En su casa de Roma reunió centenares de niños desamparados para educarlos y volverlos buenos cristianos. Estos muchachos hacían un ruido ensordecedor, y algunos educadores los regañaban fuertemente. Pero San Felipe les decía: "Haced todo el ruido que queráis, pero a mí lo único que me interesa es que no ofendáis a Nuestro Señor. Lo importante es que no pequéis. Lo demás no me disgusta". Esta frase la repetirá después un gran imitador suyo, San Juan Bosco.
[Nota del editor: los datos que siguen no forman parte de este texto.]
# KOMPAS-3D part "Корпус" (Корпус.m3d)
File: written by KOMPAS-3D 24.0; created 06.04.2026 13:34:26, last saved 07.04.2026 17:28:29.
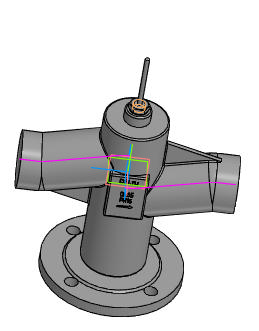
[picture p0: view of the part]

Document properties: Автор: R2D2; Полное имя файла: E:\Работа\Зайцев\Солянка\VSR1-13V-PED-F Клапан запорно-регулирующий DN.ru\DN65\исходные материалы\Корпус.m3d

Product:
- Body: Труба / Нестандартная труба / L = 143.5 мм  | qty 1
    Материал: Нестандартная труба (density 7856 kg/m3)
    Масса: 18.070121
    Раздел спецификации: Детали
    Примечание: 4,98 кг
    additional columns: Pipeline; 0.075; 0; 0; 0.002; 0.14351; true; 0.04
- Body: Труба / Нестандартная труба / L = 143.5 мм  | qty 1
    Материал: Нестандартная труба (density 7856 kg/m3)
    Масса: 18.070121
    Раздел спецификации: Детали
    Форматы листов документа: БЧ
    Примечание: 4,98 кг
    additional columns: Pipeline; 0.075; 0; 0; 0.002; 0.14351; true; 0.04
- Component [standard]: Гайка М16-6H ГОСТ 5916-70  | qty 1  | Масса: 0.01768; Рассекать на разрезах: no; source file: C:\Program Files\ASCON\KOMPAS-3D v24\Libs\PolynomLib\DATA\vault\Methods\Kompas\3D\PLib_Nut_OST92_900.m3d
- Component [standard]: (unnamed)  | qty 1  | Материал: ВЧ40 ГОСТ 7293-85 (density 7200 kg/m3); Масса: 2.948314; Рассекать на разрезах: no; additional columns: 65-16-B-2-ВЧ40-II; Заглушка; ГОСТ 34785-2021
- Body: Тело 4  | qty 1
    Материал: Нестандартная труба (density 7856 kg/m3)
    Масса: 18.070121
- Part/product: Корпус
    Масса: 6.9

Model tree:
1. Эскиз:1
2. Труба:1  (labels: {F703FF30-5BE6-4673-A7F1-8EDA1BE1E2D1}; SHAPEOBJECT3D_ATTR_BUTT; SHAPEOBJECT3D_ATTR_VALID; SHAPEOBJECT3D_ATTR_BUTT_AREA)
     PIPE_R = 7
3. Труба:2  (labels: {F703FF30-5BE6-4673-A7F1-8EDA1BE1E2D1}; SHAPEOBJECT3D_ATTR_BUTT; SHAPEOBJECT3D_ATTR_VALID; SHAPEOBJECT3D_ATTR_BUTT_AREA)
     PIPE_R = 7
4. Эскиз:2
5. Элемент выдавливания:1
     Расстояние 1 = 106; Смещение 1 = -1; Расстояние 2 = 142; Смещение 2 = -5
6. РЕБРО  (with: Ребро.Труба:1, Грань.Элемент выдавливания:1, Грань.Труба:1, Грань.Труба:2)
7. Элемент выдавливания:2
     Расстояние 1 = 6
8. Эскиз:4  (with: Грань.Элемент выдавливания:1)
9. Скругление:3  (with: Ребро.Элемент выдавливания:2)
10. Элемент выдавливания:3
     Расстояние 1 = 1
11. Эскиз:5  (with: Грань.Элемент выдавливания:3)
12. Элемент выдавливания:4
     Расстояние 1 = 7.5; Смещение 1 = 0.5
13. ШТОК
14. Элемент выдавливания:5
15. ОТЛИВКА
16. Скругление:6  (with: Грань.Элемент выдавливания:1)
17. Элемент выдавливания:6  (with: Грань.Элемент выдавливания:1)
     Смещение 1 = 4
18. Эскиз:8  (with: Грань.Элемент выдавливания:6)
19. Элемент выдавливания:7
     Расстояние 1 = 0.5
20. Скругление:7  (with: Ребро.Элемент выдавливания:6)
     Радиус = 2
21. Эскиз:9  (with: Грань.Элемент выдавливания:1, Ребро.Скругление:6, Ребро.Элемент выдавливания:5)
22. Элемент вращения:1
     Угол 1 = 360
23. Скругление:8  (with: Ребро.Элемент вращения:1)
     Радиус = 2
24. Эскиз:10  (labels: Ребро.Bolt hole.Экземпляр ( 1, 2 ); Ребро.Bolt hole.Экземпляр ( 1, 6 ); Ребро.Bolt hole.Экземпляр ( 1, 4 ); Ребро.Bolt hole.Экземпляр ( 1, 8 ))
25. Элемент выдавливания:8  (with: Грань.Элемент выдавливания:3)
     Расстояние 1 = -15; Угол = 22.5

Expressions: DS/2+3; v22*2
Referenced files in C:\Program Files\ASCON\KOMPAS-3D v24\Libs\Pipeline\: StylesTemplate.a3d, TemplateHPH, InsulationStylesTemplate.a3d, Insulation
Referenced files in C:\Program Files\ASCON\KOMPAS-3D v24\Templates\: Констр. чертеж А3 гориз. перв. лист.cdt
Referenced files in E:\Работа\Зайцев\Солянка\VSR1-13V-PED-F Клапан запорно-регулирующий DN.ru\DN15\DN15 Kv0.16\исходные материалы\: 
Referenced files in C:\Program Files\ASCON\KOMPAS-3D v24\Libs\PolynomLib\DATA\vault\Methods\Kompas\3D\: PLib_Nut_OST92_900.m3d, PLib_Flange_Blind_GOST_34785_2100.m3d
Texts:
  Отводы ГОСТ 17375-2001
  Констр. чертеж А3 гориз. перв. лист.cdt
  BOSimple***PART:2c8e7818-1586-f79e-db7d-bc045ba468e4***SHORTLOC:Root±30±10±20±©{}110±10±50±80[Нет;Без покрытия;Без указания материала;-;16;2;24]
  BOSimple***Material:38d6725a-5efe-48e1-b177-a7817acb862a
  BOSimple***PART:bf56cdc1-6b07-34c9-b21f-19055cc73af8***SHORTLOC:B619_EF039B503CC34112[2;16;65;Круглая;II;ВЧ40 ГОСТ 7293-85]
  var3D
  GOST 2.304 type A
  PN16
  LL-10
  DN+10
  bcut1
  hole1
  hcut1
  hole2
  cut1
  Труба / Нестандартная труба / L = %s мм
  Plane. Начало координат
  Ось Y.Начало координат
  Плоскость ZX.Начало координат
  Горизонтальная плоскость. Начало координат
  Плоскость XY.Начало координат
  Плоскость ZY.Начало координат

Una vez tuvo un ataque fortísimo de vesícula. El médico vino a hacerle un tratamiento, pero de pronto el santo exclamó: "Por favor, háganse a un lado que ha venido Nuestra Señora la Virgen María a curarme". Y quedó sanado inmediatamente. A varios enfermos los curó al imponerles las manos. A muchos les anunció lo que les iba a suceder en el futuro. Muchas personas vieron que su rostro se llenaba de luces y resplandores mientras rezaba. A pesar de todo esto se mantenía inmensamente humilde y se consideraba el más indigno pecador.
En los últimos años de su vida, Dios le concedió el don de saber aconsejar muy bien. Los Cardenales de Roma, obispos, sacerdotes, monjas, obreros y estudiantes, todos querían pedirle un sabio consejo y regresaban a sus casas llenos de paz y con deseos de ser mejores. El 25 de mayo de 1595 su médico lo vio tan extraordinariamente contento, que le dijo: "Padre, jamás lo había encontrado tan alegre", y él respondió: "Me alegré cuando me dijeron: vayamos a la casa del Señor". A la media noche le dio un ataque, y levantando la mano para bendecir a sus sacerdotes que lo rodeaban, expiró dulcemente. Tenía 80 años. El Papa lo declaró santo en el año 1622, y las gentes de Roma lo consideraron como a su mejor catequista y director espiritual.